New Alcoa mandatories slip below par; new TiVo convertibles trade up; secondary drags

By Rebecca Melvin

New York, Sept. 17 – Alcoa Inc.’s newly priced 5.375% mandatory convertible preferreds slipped below par on their debut in the secondary market Wednesday after the New York-based aluminum producer priced $1.25 billion of the three-year securities toward the cheap end of talk, according to market sources.

Intraday the Alcoa mandatories perked up some, but they ended lower at 49.75 bid, 50 offered despite shares closing up 0.7% at $16.28.

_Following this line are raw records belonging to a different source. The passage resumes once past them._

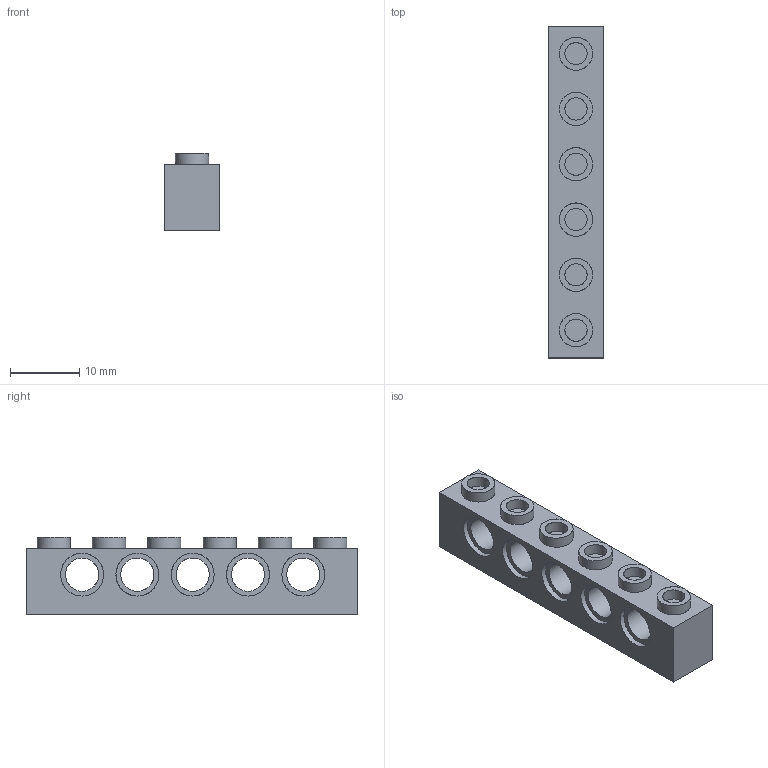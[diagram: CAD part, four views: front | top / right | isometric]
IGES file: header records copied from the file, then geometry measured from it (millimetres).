
Start section: C
Global section: file name: Ye_389424_MCM.iges; native system: By Siemens PLM Incorporated; preprocessor: XPlus GENERIC/IGES 26.1.183; author: Author; organization: Title; date: 20250722.000556; units: millimetre
Bounding box: 8 x 48 x 11.2 mm (x, y, z)
Surface area: 3343.8 mm2 (no closed solid volume)
Topology: 0 solids, 0 shells, 95 faces, 538 edges, 538 vertices
Faces by surface type: bspline 95

“I’m surprised how poorly Alcoa traded; I thought it modeled OK, and then it came at the cheaper end of terms,” a New York-based trader said.

Also in the primary market, TiVo Inc.’s newly priced 2% convertibles traded up after the Alviso, Calif.-based digital video recorder company priced $200 million of the seven-year senior notes at the midpoint and cheap end of talk.

The new TiVo convertibles changed hands at 101.6 toward the end of the session, according to Trace data; while shares slipped 23 cents, or 1.7%, to $13.48.

Back in secondary action, traders were watching United States Steel Corp.’s stock, which jumped 10% on the company’s positive outlook release.

The U.S. Steel bonds were trading at 5.125 points over parity versus an underlying share price of $46.00, using a delta of 86%, a New York-based trader said. “It looks very attractive,” he said.

Overall though, the tone of the market was weaker again, as has been the case for the last several sessions.